Trends in revision hip replacement surgery - a 21-year review of the New Zealand Joint Registry

Published on May 26, 2024




Introduction: This study aimed to examine the changing trends in the reasons for total hip replacement (THR) revision surgery, in one country over a twenty-one-year period, in order to assess whether changes in arthroplasty practices have impacted revision patterns and whether an awareness of these changes can be used to guide clinical practice and reduce future revision rates.

Methods: The reason for revision THR performed between January 1999 and December 2019 was extracted from the New Zealand Joint Registry (NZJR). The results were then grouped into seven 3-year periods to allow for clearer visualization of trends. The reasons were compared across the seven time periods and trends in prosthesis use, patient age, gender, body mass index (BMI) and American Society of Anesthesiologist (ASA) grade were also reviewed. We compared the reasons for early revision, within one year, with the overall revision rates.

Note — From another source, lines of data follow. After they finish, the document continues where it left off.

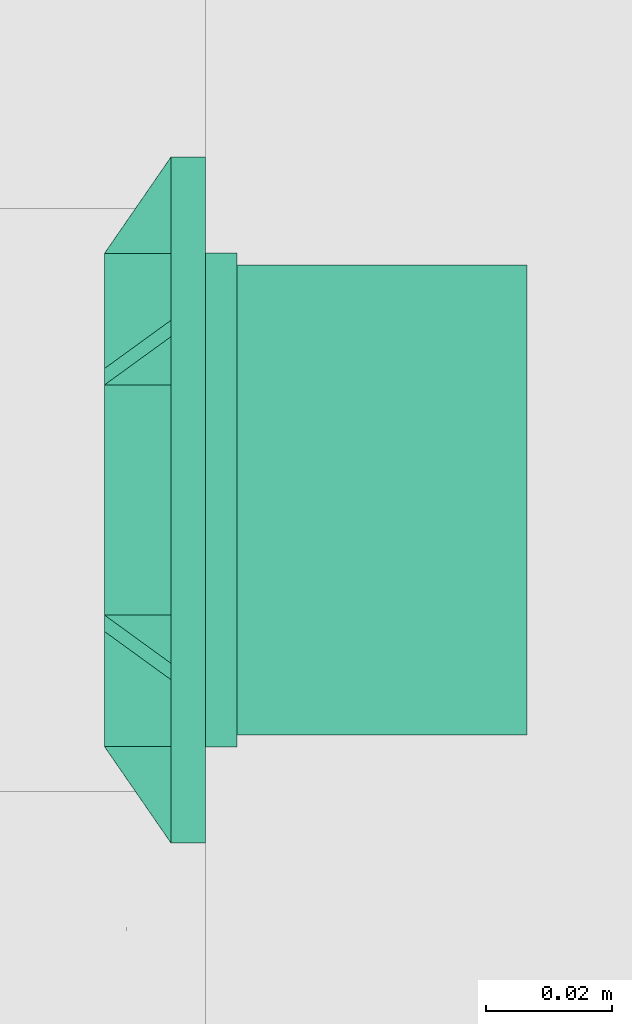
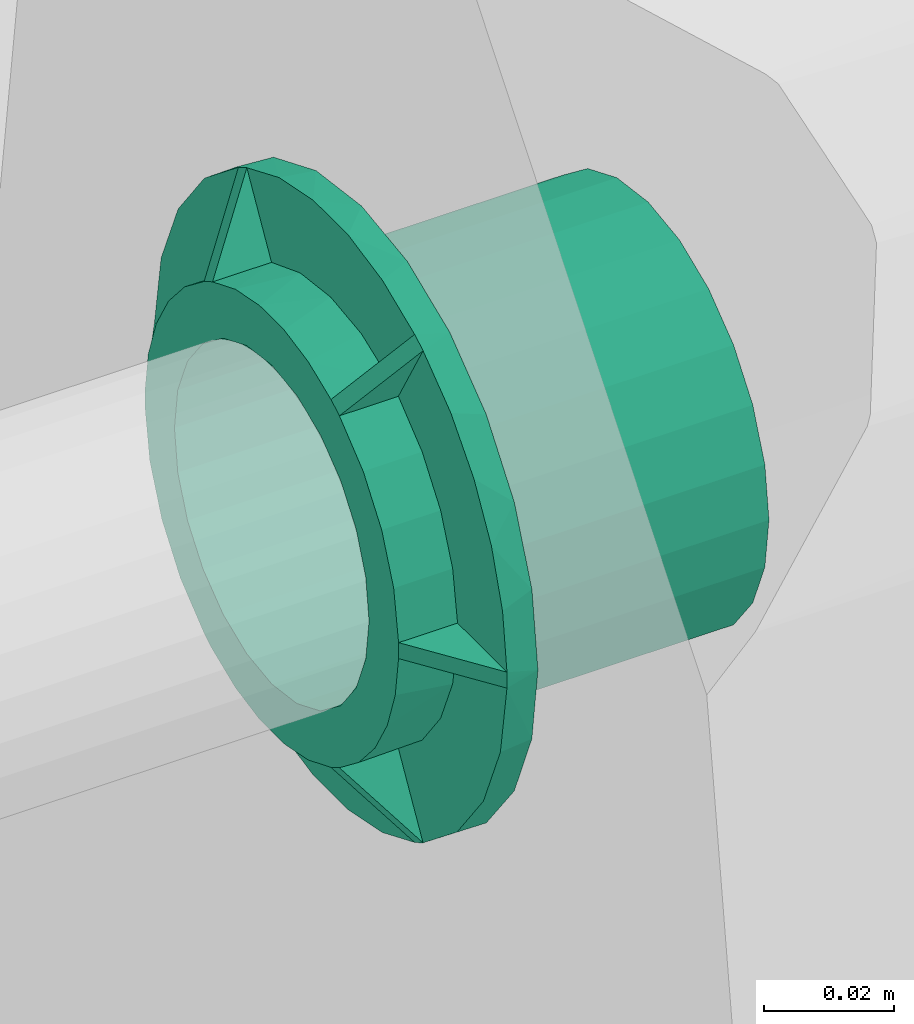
# One storey, part 49 of 166: 1 flow fitting.
"""IFC2X3 building model written with IfcOpenShell, lengths in metres."""

from ifc_helpers import new_model, entity, si_unit, converted_unit, direction, frame, origin, place, context, subcontext, project, spatial, faceted_brep, source, transform, mapped, material, type_object, type_shapes, element, save


model = new_model("IFC2X3")

# Units and contexts
model_context = context("Model", 3, precision=1e-05, world=origin(), true_north=direction((6.123233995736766e-17, 1.0)))
body_context = subcontext(model_context, "Body", "Model", "MODEL_VIEW")
ifc_project = project(units=[si_unit("LENGTHUNIT", "METRE"), converted_unit("PLANEANGLEUNIT", "DEGREE", entity("IfcPlaneAngleMeasure", 0.017453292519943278), si_unit("PLANEANGLEUNIT", "RADIAN"), dimensions=[0, 0, 0, 0, 0, 0, 0]), si_unit("AREAUNIT", "SQUARE_METRE")], contexts=[model_context])

# Site, building, storey
site_placement = place(None, origin())
site = spatial("IfcSite", under=ifc_project, at=site_placement, Name="Default", CompositionType="ELEMENT")
building_placement = place(site_placement, origin())
building = spatial("IfcBuilding", under=site, at=building_placement, Name="CASA DE ACOLHIDA PARA IDOSOS", CompositionType="ELEMENT")
storey_placement = place(building_placement, frame((0.0, 0.0, -1.7499999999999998)))
storey = spatial("IfcBuildingStorey", under=building, at=storey_placement, Name="IMPLANTAÇÃO DRENAGEM", CompositionType="ELEMENT", Elevation=-1.7499999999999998)

# Flow fitting
ifc_material = material(Name="Fortlev - PVC Marrom")
pipe_fitting_type = type_object("IfcPipeFittingType", Name="Adaptador Soldavel com Anel para CxDagua - Fortlev:Standard", PredefinedType="NOTDEFINED", material=ifc_material)
shared_shape = source(origin(), body_context, "Body", "Brep", [
    faceted_brep([(0.010500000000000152, -0.049522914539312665, 0.022392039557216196), (0.010500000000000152, -0.044138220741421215, 0.03171340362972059), (0.010500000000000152, -0.03702385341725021, 0.03978890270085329), (0.010500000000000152, -0.028463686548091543, 0.046300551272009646), (0.010500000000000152, -0.020847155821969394, 0.033108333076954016), (0.010500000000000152, -0.02819089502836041, 0.027130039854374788), (0.010500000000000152, -0.0338832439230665, 0.01956249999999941), (0.010500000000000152, -0.03759075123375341, 0.01084901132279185), (0.010500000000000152, -0.039096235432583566, 0.001500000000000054), (0.010500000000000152, -0.05432929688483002, 0.0015000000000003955), (0.010500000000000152, -0.05296506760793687, 0.01219114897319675), (0.010500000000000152, 0.03909623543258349, 0.0015000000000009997), (0.010500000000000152, 0.03759075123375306, 0.010849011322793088), (0.010500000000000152, 0.03388324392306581, 0.019562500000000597), (0.010500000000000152, 0.028190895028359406, 0.02713003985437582), (0.010500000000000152, 0.020847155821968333, 0.033108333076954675), (0.010500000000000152, 0.028463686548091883, 0.046300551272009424), (0.010500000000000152, 0.0389559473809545, 0.037899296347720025), (0.010500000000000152, 0.04706833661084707, 0.027175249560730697), (0.010500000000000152, 0.0522995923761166, 0.014787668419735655), (0.010500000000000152, 0.054329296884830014, 0.0015000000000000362), (0.010500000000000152, 0.01592792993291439, 0.05196367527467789), (0.010500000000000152, 0.025865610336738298, 0.04780055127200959), (0.010500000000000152, 0.01824907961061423, 0.034608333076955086), (0.010500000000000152, 0.009399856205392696, 0.037979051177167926), (0.010500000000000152, 0.0, 0.039125), (0.010500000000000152, -0.009399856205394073, 0.037979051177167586), (0.010500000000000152, -0.018249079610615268, 0.03460833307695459), (0.010500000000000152, -0.025865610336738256, 0.047800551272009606), (0.010500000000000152, -0.015940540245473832, 0.051959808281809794), (0.010500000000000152, -0.005390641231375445, 0.054082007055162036), (0.010500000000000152, 0.00537307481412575, 0.05408375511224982), (0.010500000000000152, 0.028190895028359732, -0.02713003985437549), (0.010500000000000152, 0.03388324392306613, -0.019562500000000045), (0.010500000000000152, 0.03759075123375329, -0.010849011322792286), (0.010500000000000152, 0.03909623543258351, -0.0014999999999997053), (0.010500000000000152, 0.054329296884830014, -0.0014999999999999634), (0.010500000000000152, 0.05296506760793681, -0.012191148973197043), (0.010500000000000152, 0.04952291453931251, -0.022392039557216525), (0.010500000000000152, 0.04413822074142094, -0.03171340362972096), (0.010500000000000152, 0.03702385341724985, -0.03978890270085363), (0.010500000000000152, 0.028463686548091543, -0.04630055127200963), (0.010500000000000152, 0.020847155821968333, -0.03310833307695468), (0.010500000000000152, -0.03895594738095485, -0.03789929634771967), (0.010500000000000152, -0.04706833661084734, -0.027175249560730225), (0.010500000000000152, -0.052299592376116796, -0.01478766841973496), (0.010500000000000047, -0.05432929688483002, -0.001499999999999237), (0.010500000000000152, -0.03909623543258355, -0.0014999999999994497), (0.010500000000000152, -0.03759075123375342, -0.01084901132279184), (0.010500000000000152, -0.03388324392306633, -0.0195624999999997), (0.010500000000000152, -0.028190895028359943, -0.027130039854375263), (0.010500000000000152, -0.020847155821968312, -0.0331083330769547), (0.010500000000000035, -0.028463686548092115, -0.04630055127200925), (0.010500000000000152, 0.005390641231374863, -0.05408200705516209), (0.010500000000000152, -0.005373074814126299, -0.05408375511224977), (0.010500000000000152, -0.015927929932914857, -0.05196367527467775), (0.010500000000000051, -0.025865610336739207, -0.04780055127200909), (0.0105, -0.01824907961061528, -0.03460833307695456), (0.010500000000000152, -0.009399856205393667, -0.03797905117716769), (0.010500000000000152, 0.0, -0.039125), (0.010500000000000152, 0.009399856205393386, -0.037979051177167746), (0.010500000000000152, 0.01824907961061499, -0.03460833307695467), (0.010500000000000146, 0.02586561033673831, -0.04780055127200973), (0.010500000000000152, 0.01594054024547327, -0.05195980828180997), (0.005249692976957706, -0.04671297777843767, -0.001499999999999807), (0.005250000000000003, -0.04673749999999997, 0.0), (0.0, -0.03911780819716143, -0.0007501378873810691), (0.0, -0.039096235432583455, -0.0014999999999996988), (0.010500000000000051, -0.054344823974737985, -0.0007500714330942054), (0.0, -0.03912499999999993, 0.0), (0.010500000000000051, -0.05435, 0.0), (0.0, 0.01122227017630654, -0.03748101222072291), (0.0, 0.018249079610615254, -0.03460833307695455), (0.0, 0.003788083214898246, -0.038941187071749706), (0.0, -0.003787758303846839, -0.0389412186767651), (0.0, -0.011221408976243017, -0.03748127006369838), (0.0, -0.018249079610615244, -0.03460833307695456), (0.0, 0.026847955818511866, 0.028459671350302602), (0.0, 0.020847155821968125, 0.033108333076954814), (0.0, 0.03183205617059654, 0.022748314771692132), (0.0, 0.03562128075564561, 0.01618301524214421), (0.0, 0.03807320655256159, 0.009010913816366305), (0.0, 0.039096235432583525, 0.0015000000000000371), (0.005249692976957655, -0.024655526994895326, -0.039704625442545), (0.0052496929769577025, -0.022057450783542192, -0.04120462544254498), (0.010500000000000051, -0.027175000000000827, -0.04706848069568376), (0.0, -0.019562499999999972, -0.033883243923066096), (0.0, -0.02084715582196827, -0.03310833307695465), (0.021000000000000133, 0.03779184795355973, -0.010126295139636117), (0.016000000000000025, 0.03779184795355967, -0.01012629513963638), (0.016000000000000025, 0.039124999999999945, 0.0), (0.021000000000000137, 0.03912499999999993, 0.0), (0.02100000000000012, 0.0338832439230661, -0.019562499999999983), (0.016000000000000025, 0.033883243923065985, -0.019562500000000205), (0.016000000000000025, 0.02766555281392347, -0.02766555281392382), (0.0210000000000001, 0.027665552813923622, -0.027665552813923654), (0.021000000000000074, 0.019562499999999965, -0.03388324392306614), (0.016000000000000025, 0.019562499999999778, -0.033883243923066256), (0.021000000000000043, 0.010126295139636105, -0.03779184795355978), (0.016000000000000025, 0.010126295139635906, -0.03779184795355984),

Results: There were 20,740 revision THR registered of which 7665 were revisions of hips with the index procedure registered during the 21-year period. There has been a statistically significant increase in both femoral fracture (4.1 - 14.9%, p<0.001) and pain (8.1 - 14.9%, p<0.001) as a reason for hip revision. While dislocation has significantly decreased from 57.6% to 17.1% (p<0.001). Deep infection decreased over the first 15 years but has subsequently seen further increases over the last 6 years. Conversely both femoral and acetabular loosening increased over the first 12 years but have subsequently decreased over the last 9 years. The rate of early revisions rose from 0.86% to 1.30% with a significant rise in revision for deep infection (13-33% of all causes, p<0.001) and femoral fracture (4-18%, p<0.001), whereas revision for dislocation decreased (59-30%, p<0.001). Adjusting for age and gender femoral fracture and deep infection rates remained significant for both (p<0.05). Adjusting for age, gender and ASA was only significant for infection.

Conclusions: The most troubling finding was the increased rate of deep infection in revision THR, with no obvious linked pattern, whereas the reduction in revision for dislocation, aseptic femoral and acetabular loosening can be linked to the changing patterns of the use of larger femoral heads and improved bearing surfaces.